* **Exercise**
Without pictures, retype the following entries exactly.

== Input ==

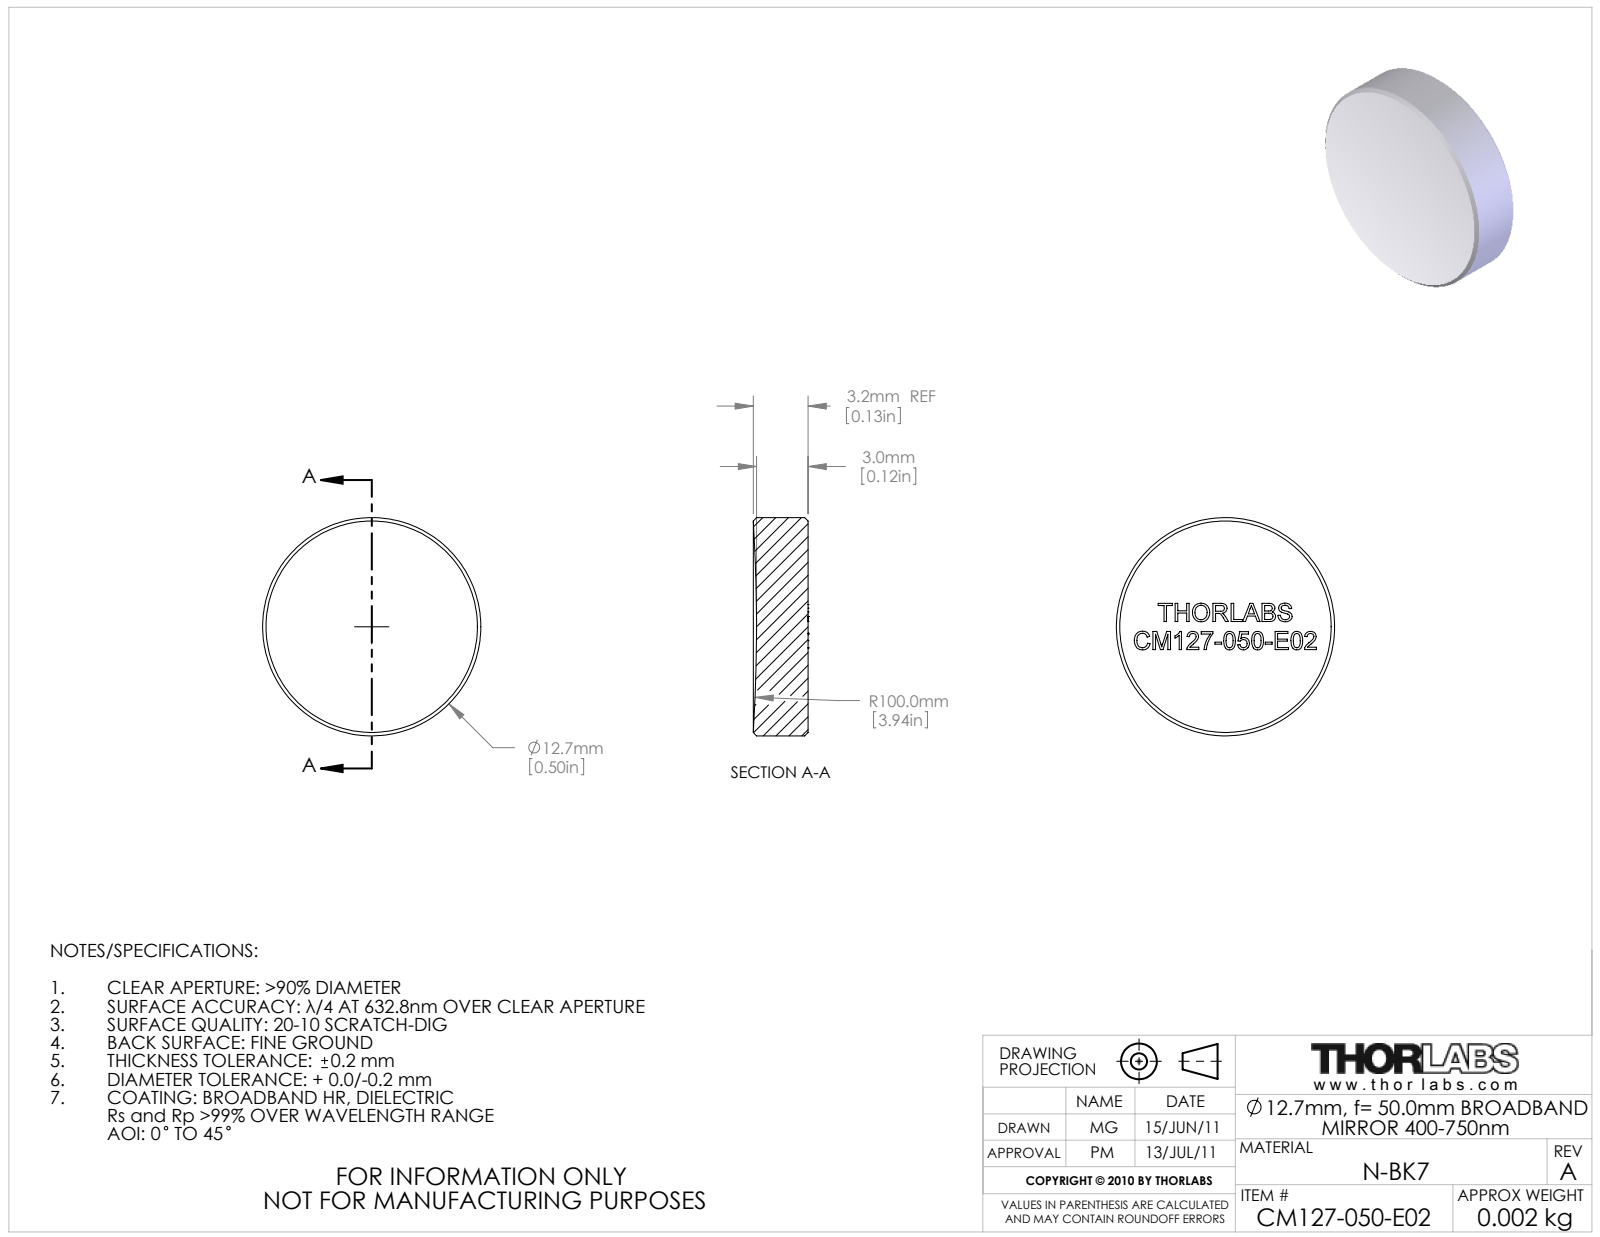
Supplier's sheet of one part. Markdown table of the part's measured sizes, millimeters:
| quantity | value |
| --- | --- |
| part name | 22625-E0W |
| STEP written by | SolidWorks 2011 (AUTOMOTIVE_DESIGN) |
| units | millimeters |
| bodies | 0 solids, 42 faces (31 planar, 2 cylindrical, 9 other) |
| overall size | 12.7 × 12.7 × 3.19 |
| round bosses / shafts (diameter × count) | 12.7 × 1 |
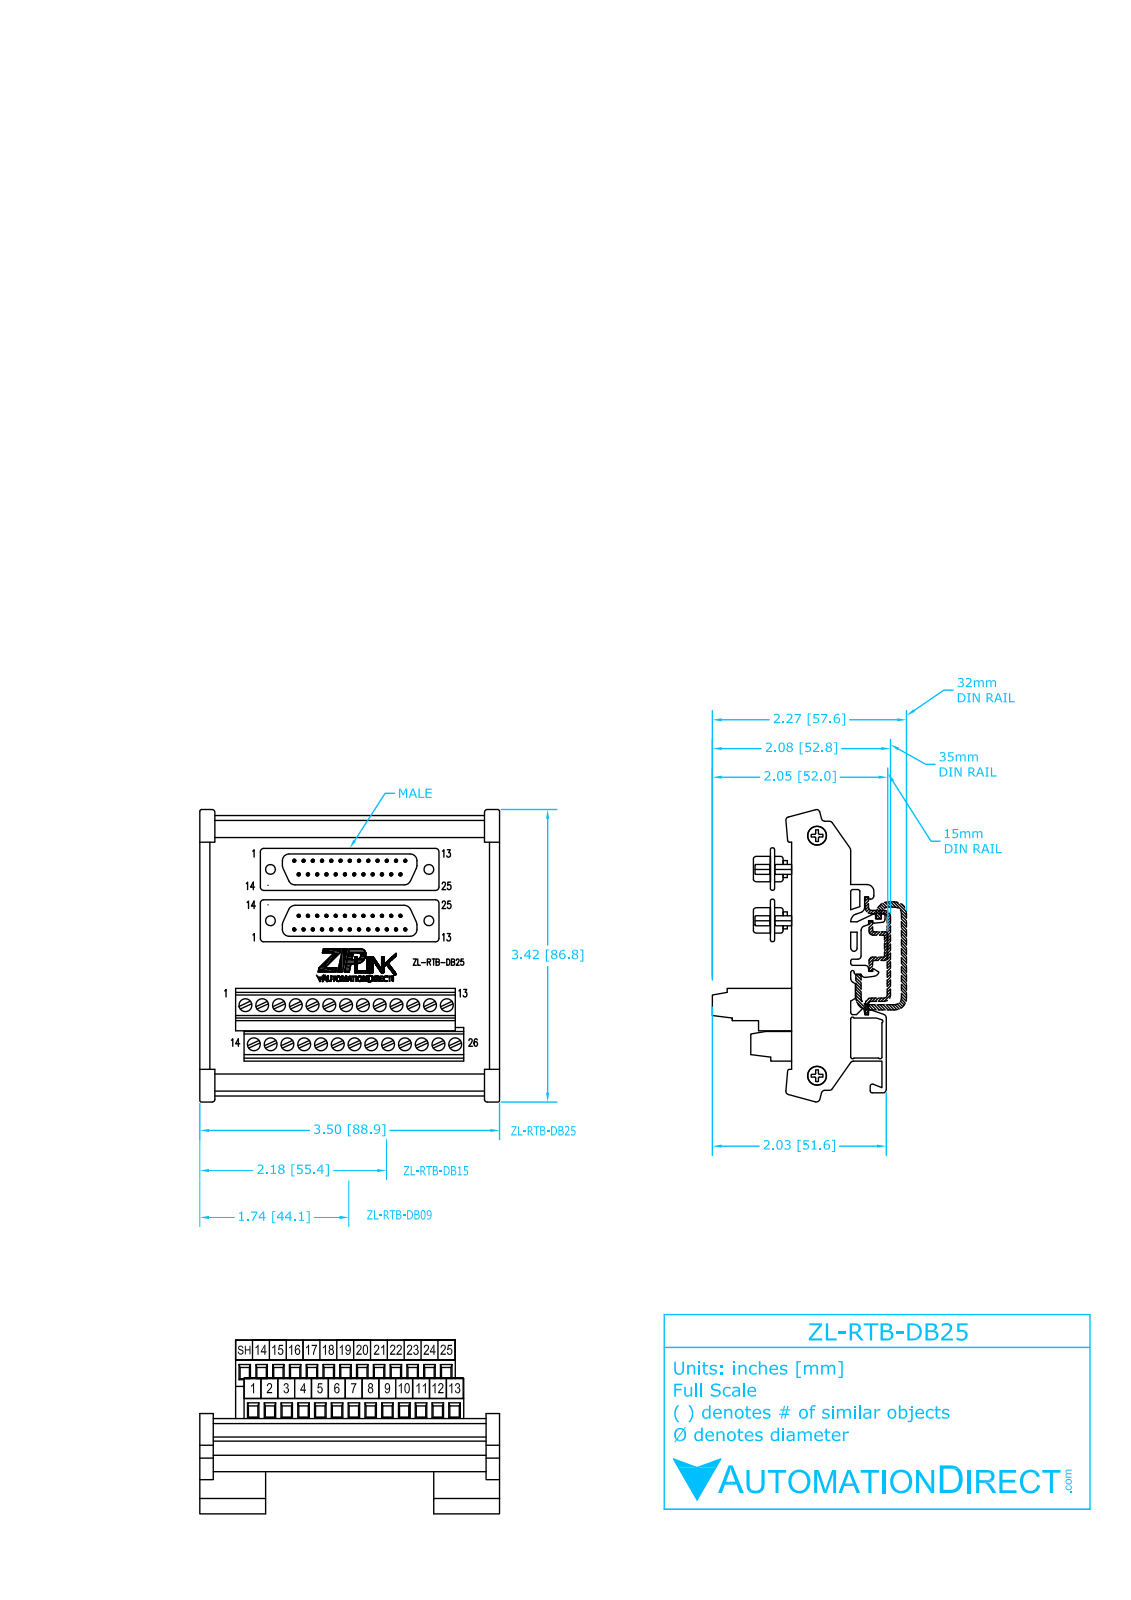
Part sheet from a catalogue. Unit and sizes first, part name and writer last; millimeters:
Units: millimetres
Overall size (bounding box): 90.3 × 86.9 × 51.6
Round holes (diameter × count): ⌀3.8 ×26, ⌀1.4 ×24, ⌀2.3 ×4, ⌀5.7 ×2, ⌀1.4 ×1
Round bosses / shafts (diameter × count): ⌀0.9 ×25, ⌀5.2 ×2
Partial cylindrical surfaces — rounded edges, fillets, slot ends (radius × count): R0.4 ×41, R0.8 ×10, R1.5 ×8, R2 ×8, R2.5 ×8
Main face-to-face distances: 16, 0.8, 16.7, 88.9, 6.9, 0.5, 6.1, 22.8, 34.3, 27.4
Hole centre spacings: 2.5, 5.1, 7.6, 10.2, 12.7, 15.2, 3.2, 3.4
Volume: 148 500 mm³ · Surface area: 42 540 mm²
Bodies: 1 solid, 1083 faces (758 planar, 317 cylindrical, 8 other)
Part name (STEP PRODUCT): ZL-RTB-DB25
STEP written by: SolidWorks 2014 (AUTOMOTIVE_DESIGN)

===

* **Exercise answer**
Supplier's sheet of one part. Markdown table of the part's measured sizes, millimeters:
| quantity | value |
| --- | --- |
| part name | 22625-E0W |
| STEP written by | SolidWorks 2011 (AUTOMOTIVE_DESIGN) |
| units | millimeters |
| bodies | 0 solids, 42 faces (31 planar, 2 cylindrical, 9 other) |
| overall size | 12.7 × 12.7 × 3.19 |
| round bosses / shafts (diameter × count) | 12.7 × 1 |
Part sheet from a catalogue. Unit and sizes first, part name and writer last; millimeters:
Units: millimetres
Overall size (bounding box): 90.3 × 86.9 × 51.6
Round holes (diameter × count): ⌀3.8 ×26, ⌀1.4 ×24, ⌀2.3 ×4, ⌀5.7 ×2, ⌀1.4 ×1
Round bosses / shafts (diameter × count): ⌀0.9 ×25, ⌀5.2 ×2
Partial cylindrical surfaces — rounded edges, fillets, slot ends (radius × count): R0.4 ×41, R0.8 ×10, R1.5 ×8, R2 ×8, R2.5 ×8
Main face-to-face distances: 16, 0.8, 16.7, 88.9, 6.9, 0.5, 6.1, 22.8, 34.3, 27.4
Hole centre spacings: 2.5, 5.1, 7.6, 10.2, 12.7, 15.2, 3.2, 3.4
Volume: 148 500 mm³ · Surface area: 42 540 mm²
Bodies: 1 solid, 1083 faces (758 planar, 317 cylindrical, 8 other)
Part name (STEP PRODUCT): ZL-RTB-DB25
STEP written by: SolidWorks 2014 (AUTOMOTIVE_DESIGN)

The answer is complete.